Data records:
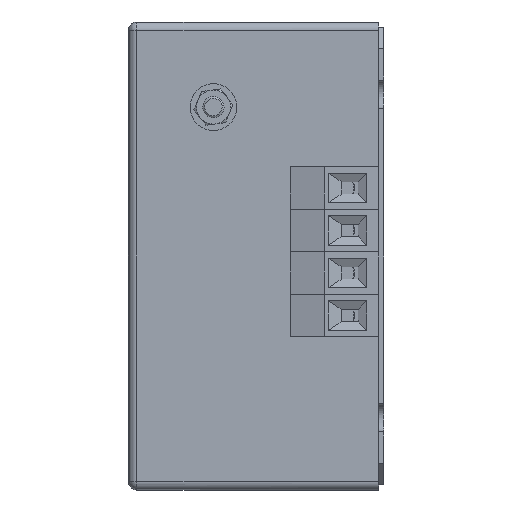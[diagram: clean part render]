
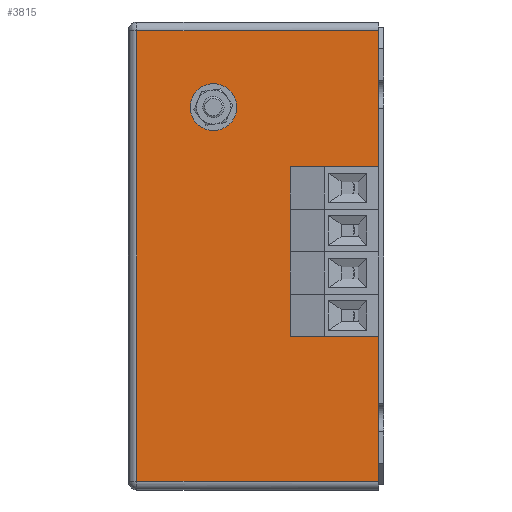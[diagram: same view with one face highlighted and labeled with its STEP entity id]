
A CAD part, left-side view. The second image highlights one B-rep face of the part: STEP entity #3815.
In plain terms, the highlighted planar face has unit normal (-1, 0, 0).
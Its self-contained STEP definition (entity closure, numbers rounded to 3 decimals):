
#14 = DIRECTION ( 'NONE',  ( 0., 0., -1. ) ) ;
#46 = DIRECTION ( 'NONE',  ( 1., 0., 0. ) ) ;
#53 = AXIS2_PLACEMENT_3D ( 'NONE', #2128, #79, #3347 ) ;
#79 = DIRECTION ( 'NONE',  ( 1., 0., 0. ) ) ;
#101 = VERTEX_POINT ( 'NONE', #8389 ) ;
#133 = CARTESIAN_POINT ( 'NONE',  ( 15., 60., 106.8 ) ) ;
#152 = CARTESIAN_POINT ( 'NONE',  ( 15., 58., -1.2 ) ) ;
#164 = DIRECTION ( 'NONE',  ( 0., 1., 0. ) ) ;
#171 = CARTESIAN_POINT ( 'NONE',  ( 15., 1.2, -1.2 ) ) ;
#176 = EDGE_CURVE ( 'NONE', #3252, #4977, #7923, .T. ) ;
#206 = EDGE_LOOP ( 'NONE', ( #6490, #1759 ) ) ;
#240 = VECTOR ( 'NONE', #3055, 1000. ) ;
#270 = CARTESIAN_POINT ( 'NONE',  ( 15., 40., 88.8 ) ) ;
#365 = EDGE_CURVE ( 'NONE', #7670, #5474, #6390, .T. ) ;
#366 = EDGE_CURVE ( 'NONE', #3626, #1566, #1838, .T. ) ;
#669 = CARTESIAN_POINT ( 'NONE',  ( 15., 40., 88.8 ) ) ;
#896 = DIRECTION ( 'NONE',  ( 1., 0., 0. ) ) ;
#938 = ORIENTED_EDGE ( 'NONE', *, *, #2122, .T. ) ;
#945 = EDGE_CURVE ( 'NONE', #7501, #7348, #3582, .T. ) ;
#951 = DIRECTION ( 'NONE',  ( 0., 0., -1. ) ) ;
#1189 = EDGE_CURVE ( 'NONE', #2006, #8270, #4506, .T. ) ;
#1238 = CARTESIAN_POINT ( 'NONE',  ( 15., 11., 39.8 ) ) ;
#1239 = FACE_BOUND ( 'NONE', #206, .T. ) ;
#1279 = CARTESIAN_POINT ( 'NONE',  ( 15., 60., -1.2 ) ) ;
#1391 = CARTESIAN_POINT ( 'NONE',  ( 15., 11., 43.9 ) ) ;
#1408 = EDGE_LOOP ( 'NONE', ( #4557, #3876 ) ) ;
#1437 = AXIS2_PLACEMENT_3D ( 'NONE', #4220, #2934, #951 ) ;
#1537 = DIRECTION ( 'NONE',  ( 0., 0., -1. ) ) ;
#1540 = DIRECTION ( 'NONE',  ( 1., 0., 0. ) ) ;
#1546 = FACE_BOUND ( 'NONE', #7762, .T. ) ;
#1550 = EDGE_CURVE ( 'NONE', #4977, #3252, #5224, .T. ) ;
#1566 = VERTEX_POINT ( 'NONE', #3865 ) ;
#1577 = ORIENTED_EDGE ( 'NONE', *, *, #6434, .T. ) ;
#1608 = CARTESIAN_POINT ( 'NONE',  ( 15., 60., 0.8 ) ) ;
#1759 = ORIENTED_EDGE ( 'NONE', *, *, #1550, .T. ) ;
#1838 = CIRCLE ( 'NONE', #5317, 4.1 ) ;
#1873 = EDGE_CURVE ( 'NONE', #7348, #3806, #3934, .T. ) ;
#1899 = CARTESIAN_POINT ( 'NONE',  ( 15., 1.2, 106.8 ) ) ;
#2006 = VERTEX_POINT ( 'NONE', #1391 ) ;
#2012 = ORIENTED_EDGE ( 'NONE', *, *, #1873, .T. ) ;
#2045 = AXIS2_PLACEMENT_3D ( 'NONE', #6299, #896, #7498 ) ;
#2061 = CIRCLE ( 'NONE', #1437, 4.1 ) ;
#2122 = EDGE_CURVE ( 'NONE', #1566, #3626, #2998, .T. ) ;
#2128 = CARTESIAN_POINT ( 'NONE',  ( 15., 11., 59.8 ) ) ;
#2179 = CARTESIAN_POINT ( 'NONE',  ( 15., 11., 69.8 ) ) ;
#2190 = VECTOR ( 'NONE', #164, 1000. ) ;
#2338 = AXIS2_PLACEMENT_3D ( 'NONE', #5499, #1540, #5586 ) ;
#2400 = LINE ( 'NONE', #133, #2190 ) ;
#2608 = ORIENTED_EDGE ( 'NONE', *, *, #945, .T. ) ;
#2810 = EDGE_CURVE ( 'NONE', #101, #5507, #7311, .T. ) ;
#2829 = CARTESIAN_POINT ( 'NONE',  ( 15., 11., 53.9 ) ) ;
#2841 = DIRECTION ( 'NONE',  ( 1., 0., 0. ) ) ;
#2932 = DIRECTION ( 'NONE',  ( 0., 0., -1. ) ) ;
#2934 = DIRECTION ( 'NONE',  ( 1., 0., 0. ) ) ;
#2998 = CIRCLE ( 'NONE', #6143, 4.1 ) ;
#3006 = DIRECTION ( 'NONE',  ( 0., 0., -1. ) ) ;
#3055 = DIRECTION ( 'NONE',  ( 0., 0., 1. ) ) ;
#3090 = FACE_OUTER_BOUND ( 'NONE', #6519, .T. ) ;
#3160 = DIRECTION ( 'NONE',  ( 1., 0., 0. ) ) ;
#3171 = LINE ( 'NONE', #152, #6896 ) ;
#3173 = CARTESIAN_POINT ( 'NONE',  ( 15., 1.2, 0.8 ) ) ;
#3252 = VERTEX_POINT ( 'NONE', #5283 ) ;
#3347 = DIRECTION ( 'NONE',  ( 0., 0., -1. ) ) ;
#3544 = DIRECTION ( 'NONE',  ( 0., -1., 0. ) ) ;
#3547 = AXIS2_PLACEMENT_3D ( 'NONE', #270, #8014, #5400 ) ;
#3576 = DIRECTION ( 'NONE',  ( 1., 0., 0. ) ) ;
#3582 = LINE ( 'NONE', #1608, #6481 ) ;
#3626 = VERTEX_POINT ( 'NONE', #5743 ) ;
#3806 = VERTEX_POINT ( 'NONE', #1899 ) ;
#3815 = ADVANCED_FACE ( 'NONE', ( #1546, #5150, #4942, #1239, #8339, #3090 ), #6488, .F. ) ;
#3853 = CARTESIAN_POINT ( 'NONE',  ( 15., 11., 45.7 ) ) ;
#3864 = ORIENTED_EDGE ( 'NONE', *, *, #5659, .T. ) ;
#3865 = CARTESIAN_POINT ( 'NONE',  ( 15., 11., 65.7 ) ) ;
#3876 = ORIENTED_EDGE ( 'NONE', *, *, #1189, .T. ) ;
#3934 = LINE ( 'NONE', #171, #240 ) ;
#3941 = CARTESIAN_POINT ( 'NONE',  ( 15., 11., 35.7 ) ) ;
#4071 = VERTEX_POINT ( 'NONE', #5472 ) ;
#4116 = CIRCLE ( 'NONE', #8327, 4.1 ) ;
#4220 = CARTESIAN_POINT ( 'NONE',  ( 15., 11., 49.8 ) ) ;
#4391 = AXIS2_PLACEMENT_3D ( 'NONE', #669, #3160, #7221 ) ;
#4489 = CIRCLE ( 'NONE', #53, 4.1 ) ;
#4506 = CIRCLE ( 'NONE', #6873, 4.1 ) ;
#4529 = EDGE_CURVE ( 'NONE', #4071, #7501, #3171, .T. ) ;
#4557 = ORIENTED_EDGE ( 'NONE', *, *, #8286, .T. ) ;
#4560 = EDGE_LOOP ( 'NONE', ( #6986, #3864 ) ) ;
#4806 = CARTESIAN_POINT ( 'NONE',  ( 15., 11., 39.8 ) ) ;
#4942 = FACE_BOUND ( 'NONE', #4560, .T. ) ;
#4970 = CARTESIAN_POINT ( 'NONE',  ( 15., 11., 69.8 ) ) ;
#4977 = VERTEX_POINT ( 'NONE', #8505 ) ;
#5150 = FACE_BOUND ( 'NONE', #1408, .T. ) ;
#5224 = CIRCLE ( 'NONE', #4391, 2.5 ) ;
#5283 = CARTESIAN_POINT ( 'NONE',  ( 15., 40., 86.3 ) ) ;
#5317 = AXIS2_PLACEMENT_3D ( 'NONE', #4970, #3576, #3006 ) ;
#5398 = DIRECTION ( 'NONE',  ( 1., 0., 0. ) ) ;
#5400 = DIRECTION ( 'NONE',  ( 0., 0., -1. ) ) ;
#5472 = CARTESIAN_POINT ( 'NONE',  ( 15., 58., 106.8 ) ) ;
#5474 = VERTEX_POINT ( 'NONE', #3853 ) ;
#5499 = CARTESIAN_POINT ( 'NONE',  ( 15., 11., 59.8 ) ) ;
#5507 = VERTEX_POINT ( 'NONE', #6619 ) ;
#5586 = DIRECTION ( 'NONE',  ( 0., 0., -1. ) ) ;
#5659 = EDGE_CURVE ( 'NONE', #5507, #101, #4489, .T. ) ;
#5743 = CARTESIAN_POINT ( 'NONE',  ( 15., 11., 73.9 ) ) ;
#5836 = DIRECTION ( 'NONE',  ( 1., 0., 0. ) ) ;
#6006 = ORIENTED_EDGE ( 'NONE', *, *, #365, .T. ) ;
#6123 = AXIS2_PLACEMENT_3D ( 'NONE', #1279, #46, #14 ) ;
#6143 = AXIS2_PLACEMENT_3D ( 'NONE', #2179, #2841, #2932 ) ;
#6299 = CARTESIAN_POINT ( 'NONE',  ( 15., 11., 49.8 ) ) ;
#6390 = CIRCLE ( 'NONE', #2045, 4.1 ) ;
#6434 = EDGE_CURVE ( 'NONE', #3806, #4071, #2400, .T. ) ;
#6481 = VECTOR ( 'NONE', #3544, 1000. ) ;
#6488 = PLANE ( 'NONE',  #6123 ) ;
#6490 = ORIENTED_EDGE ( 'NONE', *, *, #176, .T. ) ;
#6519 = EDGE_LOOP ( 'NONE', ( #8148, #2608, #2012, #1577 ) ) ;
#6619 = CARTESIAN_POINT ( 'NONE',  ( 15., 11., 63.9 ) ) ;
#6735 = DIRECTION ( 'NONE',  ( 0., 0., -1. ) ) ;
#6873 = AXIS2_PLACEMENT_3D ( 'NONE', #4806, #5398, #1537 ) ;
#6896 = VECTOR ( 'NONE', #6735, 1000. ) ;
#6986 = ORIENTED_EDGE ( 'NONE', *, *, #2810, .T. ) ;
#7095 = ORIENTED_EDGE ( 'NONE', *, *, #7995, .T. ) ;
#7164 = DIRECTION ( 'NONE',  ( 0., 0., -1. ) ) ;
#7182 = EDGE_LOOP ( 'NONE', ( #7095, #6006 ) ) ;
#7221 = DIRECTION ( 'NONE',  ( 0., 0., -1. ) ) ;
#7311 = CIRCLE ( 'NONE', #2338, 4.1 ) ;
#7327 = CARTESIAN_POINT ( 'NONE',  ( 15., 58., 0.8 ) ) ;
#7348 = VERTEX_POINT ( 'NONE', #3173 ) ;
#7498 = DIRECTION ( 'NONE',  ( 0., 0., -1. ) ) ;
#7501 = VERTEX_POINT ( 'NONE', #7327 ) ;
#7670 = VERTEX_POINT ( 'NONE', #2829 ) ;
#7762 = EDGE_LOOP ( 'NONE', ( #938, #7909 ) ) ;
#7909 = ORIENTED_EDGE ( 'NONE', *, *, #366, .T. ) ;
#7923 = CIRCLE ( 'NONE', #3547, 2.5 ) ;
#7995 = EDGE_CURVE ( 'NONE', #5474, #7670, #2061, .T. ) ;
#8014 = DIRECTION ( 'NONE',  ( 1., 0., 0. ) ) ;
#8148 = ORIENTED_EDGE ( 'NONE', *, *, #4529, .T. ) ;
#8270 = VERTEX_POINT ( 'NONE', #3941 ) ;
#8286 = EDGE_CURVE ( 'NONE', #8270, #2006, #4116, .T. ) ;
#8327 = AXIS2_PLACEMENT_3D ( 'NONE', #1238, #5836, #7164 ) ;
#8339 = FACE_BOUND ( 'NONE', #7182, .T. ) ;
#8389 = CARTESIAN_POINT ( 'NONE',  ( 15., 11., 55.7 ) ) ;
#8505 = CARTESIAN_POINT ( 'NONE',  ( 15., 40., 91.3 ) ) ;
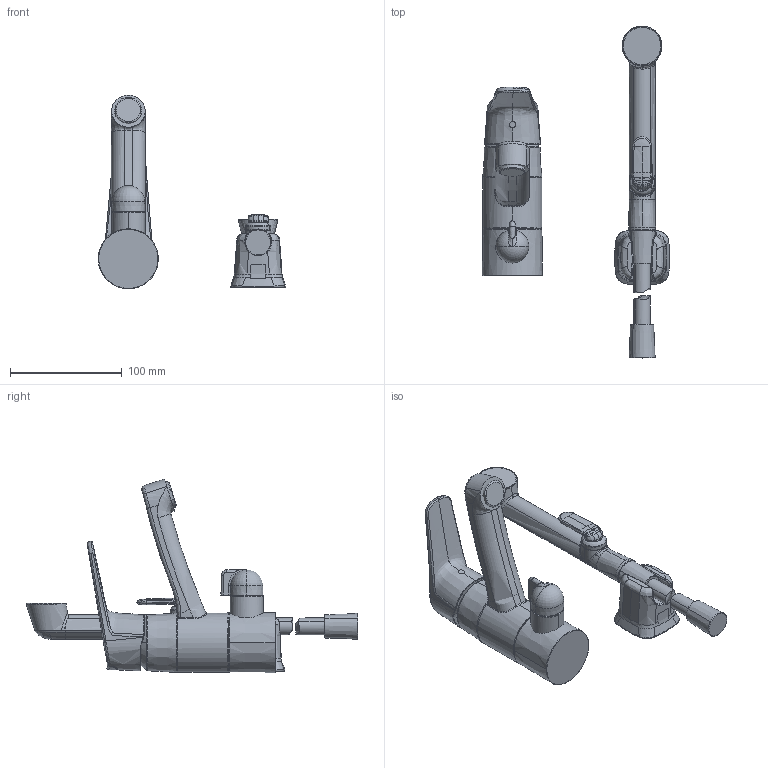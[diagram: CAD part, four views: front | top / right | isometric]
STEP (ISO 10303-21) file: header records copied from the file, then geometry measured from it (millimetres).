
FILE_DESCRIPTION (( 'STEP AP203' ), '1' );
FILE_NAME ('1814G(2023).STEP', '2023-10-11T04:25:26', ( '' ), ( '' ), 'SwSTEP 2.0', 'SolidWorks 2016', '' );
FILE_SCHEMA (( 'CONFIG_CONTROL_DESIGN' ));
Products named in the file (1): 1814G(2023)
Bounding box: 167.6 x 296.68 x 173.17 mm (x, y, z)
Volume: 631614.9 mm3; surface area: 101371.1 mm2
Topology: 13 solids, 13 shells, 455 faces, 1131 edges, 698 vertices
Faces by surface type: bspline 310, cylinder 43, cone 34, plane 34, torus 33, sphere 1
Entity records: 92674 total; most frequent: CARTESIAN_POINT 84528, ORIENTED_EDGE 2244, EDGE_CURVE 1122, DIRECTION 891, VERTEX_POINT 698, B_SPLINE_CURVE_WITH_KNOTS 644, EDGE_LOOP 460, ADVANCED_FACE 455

- Task to carry out:
Copy out the lines above exactly, beginning at the one that contains "#1873 = EDGE_CURVE" and ending at the one that contains "#2128 = CARTESIAN_POINT".

- Answer to the exercise:
#1873 = EDGE_CURVE ( 'NONE', #7348, #3806, #3934, .T. ) ;
#1899 = CARTESIAN_POINT ( 'NONE',  ( 15., 1.2, 106.8 ) ) ;
#2006 = VERTEX_POINT ( 'NONE', #1391 ) ;
#2012 = ORIENTED_EDGE ( 'NONE', *, *, #1873, .T. ) ;
#2045 = AXIS2_PLACEMENT_3D ( 'NONE', #6299, #896, #7498 ) ;
#2061 = CIRCLE ( 'NONE', #1437, 4.1 ) ;
#2122 = EDGE_CURVE ( 'NONE', #1566, #3626, #2998, .T. ) ;
#2128 = CARTESIAN_POINT ( 'NONE',  ( 15., 11., 59.8 ) ) ;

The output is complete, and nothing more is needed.